# Curious discovery



## Surfer Joe (May 23, 2015)

When I check the trichs on my plants, I tend to pick some of the parts on the upper colas that are getting the most light thinking that the trichs will be most developed there and tell me how far along the plant is.
The problem is that the trichs on those parts are often clear and also slightly damaged, maybe from the light or from the fans.
So I kept thinking that the plants were still undeveloped, but the pistils were shrivelling and darkening and the calyxes were swelling up, so it was confusing.
I checked a mid branch where the light is weaker and there I found that all of the trichs were cloudy. This was very surprising. Apparently, trichs turn cloudy by the maturity of the plant rather than the intensity of the light.


----------



## Hackerman (May 23, 2015)

Some plants mature from the bottom up and some from the top down. Some just scatter and dance. LOL

But, yes, it's the maturity of the plant, not the amount of light.


----------



## Rosebud (May 23, 2015)

I have amber and clear...no cloudy. How does that even happen?


----------



## sopappy (May 23, 2015)

Rosebud said:


> I have amber and clear...no cloudy. How does that even happen?

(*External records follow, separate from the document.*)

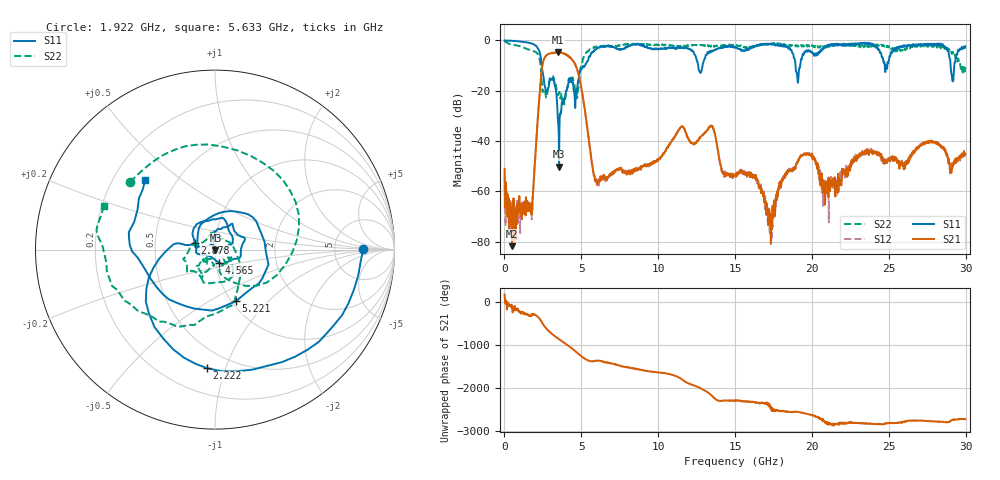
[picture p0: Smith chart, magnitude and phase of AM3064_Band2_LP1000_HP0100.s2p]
# Hz S DB R 50.0
!freq dBS11 angS11 dBS21 angS21 dBS12 angS12 dBS22 angS22
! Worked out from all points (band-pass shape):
!   1600 points, 10 MHz to 29.98 GHz, reference 50 ohm
!   highest |S21| = -4.64 dB at 3.459 GHz (marker M1); lowest = -81.8 dB at 497.3 MHz (marker M2)
!   |S21| within 3 dB of the highest: 2.558 GHz to 4.399 GHz (1.841 GHz wide, 52.9 % of centre)
!   lowest |S11| = -50.1 dB at 3.553 GHz (marker M3), VSWR 1.01, Z = 50.3 - j0.153 ohm
!   |S11| at or under -10 dB: 2.428 GHz to 5.242 GHz (2.814 GHz wide, 73.4 % of centre); 12.6 GHz to 12.88 GHz (283.7 MHz wide, 2.23 % of centre); 18.93 GHz to 19.23 GHz (300.8 MHz wide, 1.58 % of centre)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
!   |S22| runs from -25.4 to -0.2 dB; largest |S21 - S12| = 0.015
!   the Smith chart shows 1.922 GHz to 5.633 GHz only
!   S11 on the Smith chart (normalised r, x): 1.922 GHz: 10, +0; 2.222 GHz: 0.37, -0.86; 2.878 GHz: 0.80, +0.06; 4.565 GHz: 1.04, -0.16; 5.221 GHz: 1.05, -0.67; 5.633 GHz: 0.34, +0.37
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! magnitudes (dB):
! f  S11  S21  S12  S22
! 10 MHz  0.0  -51.0  -53.6  -0.2
! 497.3 MHz  -0.1  -81.8  -67.9  -1.6
! 1.659 GHz  -1.0  -65.9  -64.8  -3.9
! 1.922 GHz  -1.7  -54.9  -53.8  -4.4
! 2.222 GHz  -3.6  -26.5  -26.3  -5.9
! 2.878 GHz  -18.5  -5.3  -5.3  -17.6
! 3.459 GHz  -29.7  -4.6  -4.7  -21.2
! 3.553 GHz  -50.1  -4.9  -4.8  -20.9
! 4.565 GHz  -22.1  -9.1  -9.0  -18.4
! 5.015 GHz  -11.2  -19.3  -19.3  -9.7
! 5.221 GHz  -10.2  -27.2  -27.2  -5.9
! 5.633 GHz  -5.2  -46.5  -46.2  -3.6
! 6.045 GHz  -3.1  -56.0  -56.0  -2.5
! 10 GHz  -3.4  -47.0  -47.3  -1.8
! 13.43 GHz  -4.5  -33.9  -33.9  -2.4
! 15 GHz  -2.5  -53.8  -53.7  -1.8
! 16.37 GHz  -2.0  -54.4  -54.4  -2.3
! 17.25 GHz  -1.4  -71.7  -76.9  -1.2
! 19.99 GHz  -4.5  -46.2  -46.1  -1.9
! 20.95 GHz  -2.6  -58.2  -56.1  -2.2
! 25 GHz  -8.2  -47.5  -46.8  -2.3
! 29.98 GHz  -2.3  -45.1  -45.9  -10.6
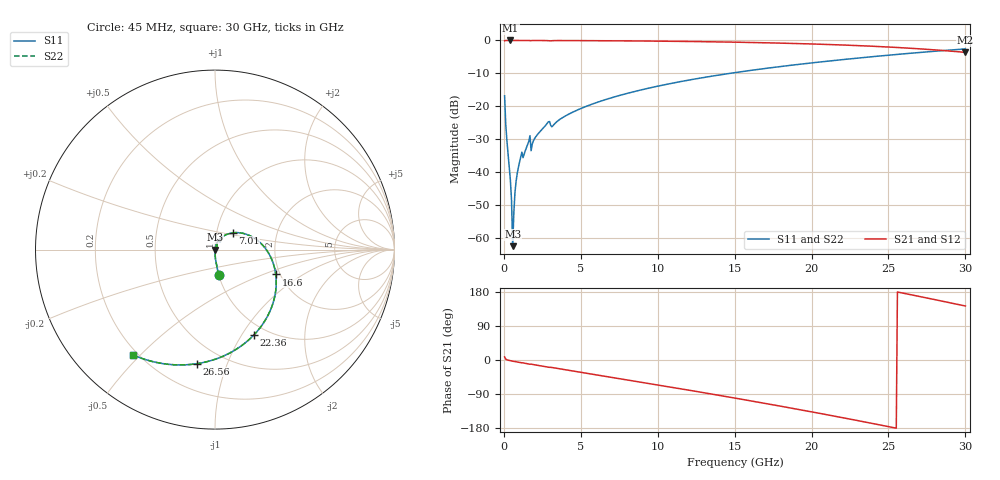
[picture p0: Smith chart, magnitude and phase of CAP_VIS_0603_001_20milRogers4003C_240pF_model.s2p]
! S-parameter model data by Modelithics Inc.  support@modelithics.com  813-866-6335  Tampa FL USA
! S-Parameter data specifications:
! Substrate: 20-mil Rogers 4003C, substrate thickness, H=0.508mm, Dielectric constant, Er=3.75
! PCB Mounting Pad Footprint: Pad width, PadW=0.90mm , Pad length, PadL=1.00mm , Pad gap, PadG (edge-to-edge)=1.00mm , Reference planes=3.0mm apart
! Created Wed Nov 18 13:33:21 2015
# hz S ma R 50
! 2 Port Network Data from SP1.SP block
! freq  magS11  angS11  magS21  angS21  magS12  angS12  magS22  angS22
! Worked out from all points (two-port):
!   401 points, 45 MHz to 30 GHz, reference 50 ohm
!   highest |S21| = 0.00 dB at 419.4 MHz (marker M1); lowest = -3.6 dB at 30 GHz (marker M2)
!   |S21| within 3 dB of the highest: start of sweep to 28.42 GHz
!   lowest |S11| = -62.4 dB at 569.2 MHz (marker M3), VSWR 1.00, Z = 50.1 - j0.0548 ohm
!   |S11| at or under -10 dB: start of sweep to 14.67 GHz
!   |S22| runs from -62.4 to -2.6 dB; largest |S21 - S12| = 0
!   S11 on the Smith chart (normalised r, x): 45 MHz: 1.00, -0.29; 7.01 GHz: 1.19, +0.23; 16.6 GHz: 1.90, -0.61; 22.36 GHz: 0.87, -1.13; 26.56 GHz: 0.36, -0.79; 30 GHz: 0.18, -0.48
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4.5e7  0.1446 -81.8  0.9893 8.1  0.9893 8.1  0.1446 -81.8
1.94775e8  0.03019 -88.7  0.9992 0.7  0.9992 0.7  0.03019 -88.7
3.4455e8  0.01253 -89.1  0.9995 -1.2  0.9995 -1.2  0.01253 -89.1
4.194375e8  0.007641 -88.2  0.9995 -1.8  0.9995 -1.8  0.007641 -88.2
5.692125e8  0.0007578 -46.2  0.9994 -3.1  0.9994 -3.1  0.0007578 -46.2
7.189875e8  0.004963 78.6  0.9993 -4.2  0.9993 -4.2  0.004963 78.6
8.687625e8  0.009695 80.5  0.9992 -5.3  0.9992 -5.3  0.009695 80.5
1.018538e9  0.01437 79.9  0.9989 -6.3  0.9989 -6.3  0.01437 79.9
1.54275e9  0.02624 77.3  0.9982 -9.9  0.9982 -9.9  0.02624 77.3
1.917188e9  0.03005 75.2  0.998 -12.1  0.998 -12.1  0.03005 75.2
2.815838e9  0.05536 67.5  0.9943 -18.4  0.9943 -18.4  0.05536 67.5
3.190275e9  0.05098 64.0  0.9933 -20.2  0.9933 -20.2  0.05098 64.0
5.062462e9  0.09405 56.2  0.9935 -32.8  0.9935 -32.8  0.09405 56.2
7.009538e9  0.1354 43.6  0.9883 -45.7  0.9883 -45.7  0.1354 43.6
1.007992e10  0.2044 23.1  0.9758 -66.3  0.9758 -66.3  0.2044 23.1
1.50225e10  0.3252 -11.0  0.9415 -100.5  0.9415 -100.5  0.3252 -11.0
1.659514e10  0.3656 -22.2  0.9263 -111.8  0.9263 -111.8  0.3656 -22.2
2.003996e10  0.4574 -47.5  0.8839 -137.1  0.8839 -137.1  0.4574 -47.5
2.236148e10  0.5217 -65.3  0.847 -154.9  0.847 -154.9  0.5217 -65.3
2.505742e10  0.5992 -86.6  0.7936 -176.3  0.7936 -176.3  0.5992 -86.6
2.655518e10  0.6431 -98.9  0.7581 171.5  0.7581 171.5  0.6431 -98.9
3e10  0.7438 -127.9  0.659 142.5  0.659 142.5  0.7438 -127.9

Fascinating.... they go from clear right to amber? like a light switch, on / off?
wow, you have the first digital marijuana plant, I knew this was coming.
Sorry Rose, kidding again but really, no in between at all? 
That's amazing. Can you get some pictures that close-up? (I can't)


----------



## Surfer Joe (May 23, 2015)

I also had some that looked just clear and with some amber on a leaf near the top but then I checked the underside of the leaf and it was all covered with milky trichs.
It seems confusing.
If you look at the plants each day, you can see the pistils darkening and shrivelling and the calyxes swelling, so I have been paying more attention to that and not just focusing on the trichs.


----------



## Hushpuppy (May 26, 2015)

Judging ripeness of a plant for harvest can be a bit tricky unless you have grown that particular plant pheno several times. I have had the same issue on different ones. I have a pair of autos right now that I have been watching and found that I couldn't see amber trichs with my 30x loupe but my wife's new camera picked them up beautifully. The bad thing is that the buds haven't bulked up nearly as much as I want. However, I haven't grown this phenol before so I don't know where the peak is for harvest. 

View attachment SBR2.jpg


----------



## Rosebud (May 27, 2015)

sopappy said:


> Fascinating.... they go from clear right to amber? like a light switch, on / off?
> wow, you have the first digital marijuana plant, I knew this was coming.
> Sorry Rose, kidding again but really, no in between at all?
> That's amazing. Can you get some pictures that close-up? (I can't)




Sopappy, i can't get a close up cause i am smoking it. I have never seen that happen before, but it is great smoke.. so I am good..


----------